We were all three laughing over that. Then I said, "Well what's it all got to do with the outhouse?"
Darryl said, "I knew they only wanted the land to keep the trees up, so they'd not have to see the road and they could pretend they were in the deep woods. Every few days then, I've been going out there with my chainsaw and cutting down all the trees and having a guy I know cart them off!"
Laughing still, Hugh asked, "Not for free?"
"Course not!", Darryl said, "But I sell them for a fair enough price. It's took me a few weeks, but I've got the whole place cleared now, well, 'cept for the stumps. It's all kind of ugly looking now!"
Hugh and I, sleep deprived, tipsy for going on three days, were still laughing over all this, and with each new bit of information, laughing the harder!
We got there about then, and sure enough there was a beautiful house set way back, and the ugliest bare field of two hundred or so stumps you ever saw! Except for a patch in the middle of the land that had been cleared of the stumps, too. There sat an old and ugly recliner!
Darryl saw us looking, and slung his rifle over his shoulder. "I had to have a place to sit and rest, didn't I? We can move it, and put the outhouse there!" We didn't ask what the rifle was for, it was Alaska, and he always carried one. And Hugh and I were open carrying our handguns, we being part time bank guards.
That last piece of data had us laughing even harder, though I'd not have thought it possible. This couple from the lower 48, had invested nearly half a million for their beautiful getaway, and now it was all ruined, and all for speaking rudely to the wrong man!

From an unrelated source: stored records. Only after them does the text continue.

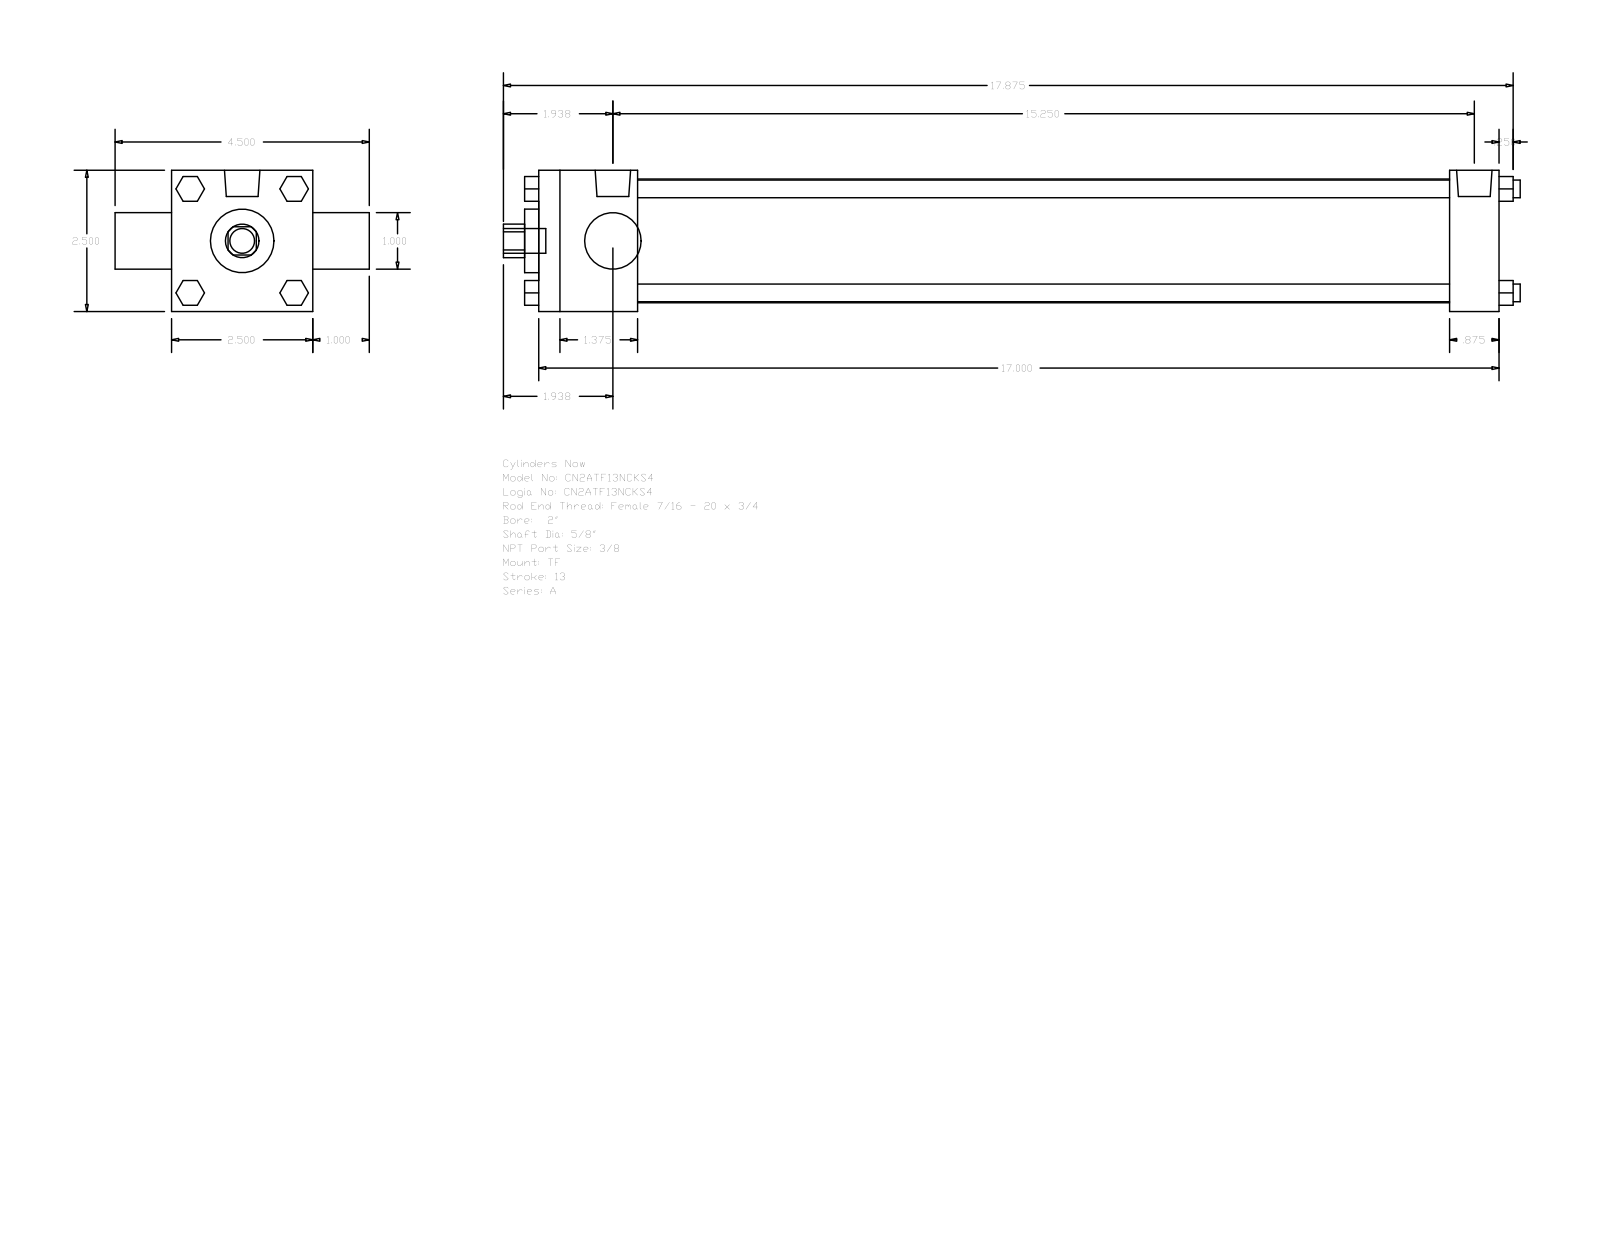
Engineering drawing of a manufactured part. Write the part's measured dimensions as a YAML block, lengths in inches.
part_name: "A_TF__0200_0.625"
step_written_by: "GSSL Pune (CONFIG_CONTROL_DESIGN)"
units: inches
bodies: {solids: 0, faces: 120, planar: 92, cylindrical: 28, other: 0}
overall_size: [18, 4.5, 2.5]
round_holes:
  - {diameter: 0.625, count: 1}
  - {diameter: 1, count: 1}
  - {diameter: 1.125, count: 1}
  - {diameter: 2.19, count: 1}
round_bosses_or_shafts:
  - {diameter: 0.313, count: 4}
  - {diameter: 0.219, count: 3}
  - {diameter: 0.627, count: 2}
  - {diameter: 0.437, count: 1}
partial_cylinders:
  - {radius: 0.297, count: 1}
face_to_face_distances: [2.5, 17, 1.75, 16.125, 14.375, 15.25, 0.875, 1, 3.5, 2]
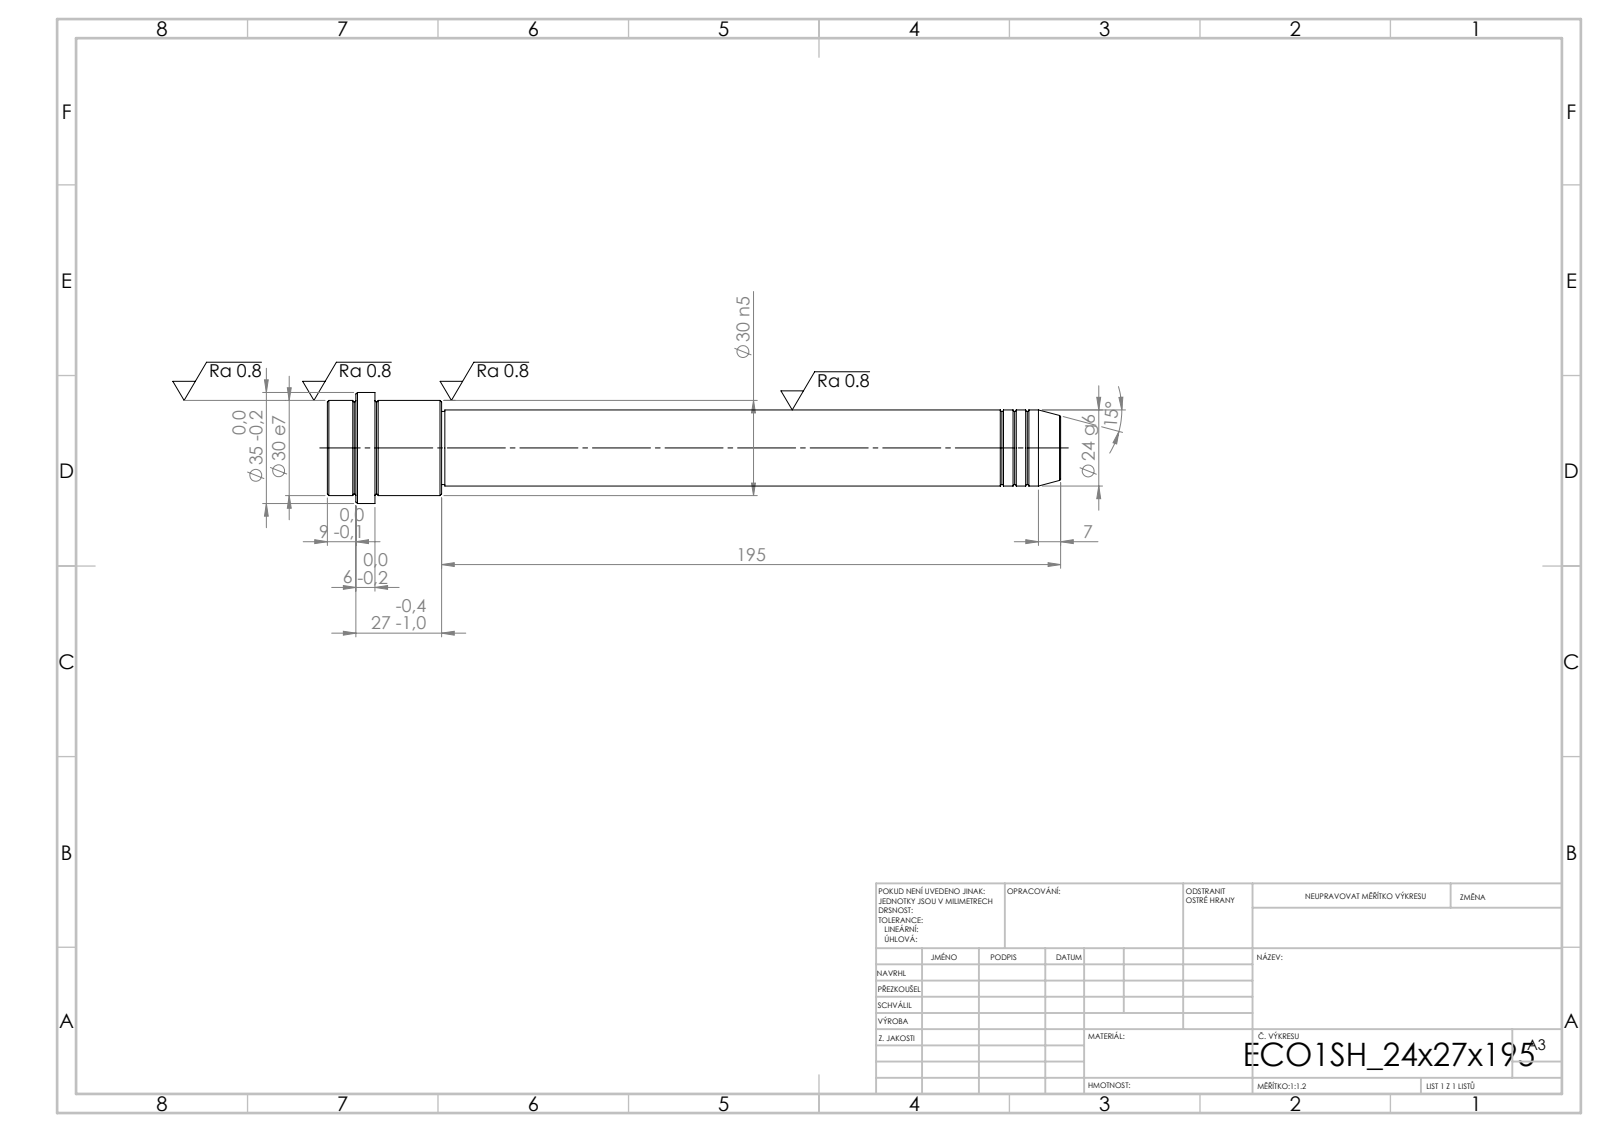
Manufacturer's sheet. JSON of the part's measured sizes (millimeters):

"What'd he do when you started clear cutting?", I asked. "He came out, threatened a lawsuit. I pointed my rifle at him and told him to get off my land. He did, but he came back with a policeman. I said hi to him, I knew him and his dad, and told him to have the guy stop bothering me. He told the guy to stop bothering me, and that's the last I heard of it!"
With the outhouse placed - which we did only after relating the story to the rest and enjoying laughing the more with them - the house was now utterly ruined, as they could now never invite any of their rich friends up, because instead of it being a symbol of their wealth, it would forever be a symbol of how foolish they'd been and what a poor investment they'd made!
"I notice there's no hole.", I managed to say, between drinking and laughing with the rest. "Don't need none", Darryl replied. "I don't plan to be out here much, it's just ain't very pretty in these parts!" Which set us off laughing the more!
"But", Hugh said, "We shouldn't just leave it standing there unused!"
And that's how three cute college girls, four young guys from the lower 48, and one old man who'd lived through the oil boom were all in the middle of nowhere doubled over, falling down and hysterically laughing at this insanely over the top prank!
The girls declined, but all of us guys made sure and "baptize" that brand new outhouse, and there we left it to go back to the cabin and have more drinking, more philosophizing, more midnight canoe trips, more aurora borealis watching and more of the usual fun that young folks have.
And more laughter! At 49, and not drunk, and not sleep deprived, I write this, and while I smile, I don't laugh out loud. But probably for laughing out loud over that for some years, as we repeated that tale to fellow students, family and friends.
It seemed to capture a lot of the craziness and camaraderie of life in Alaska!
Moral of the story: Don't tell a man what he can and cannot do with this land!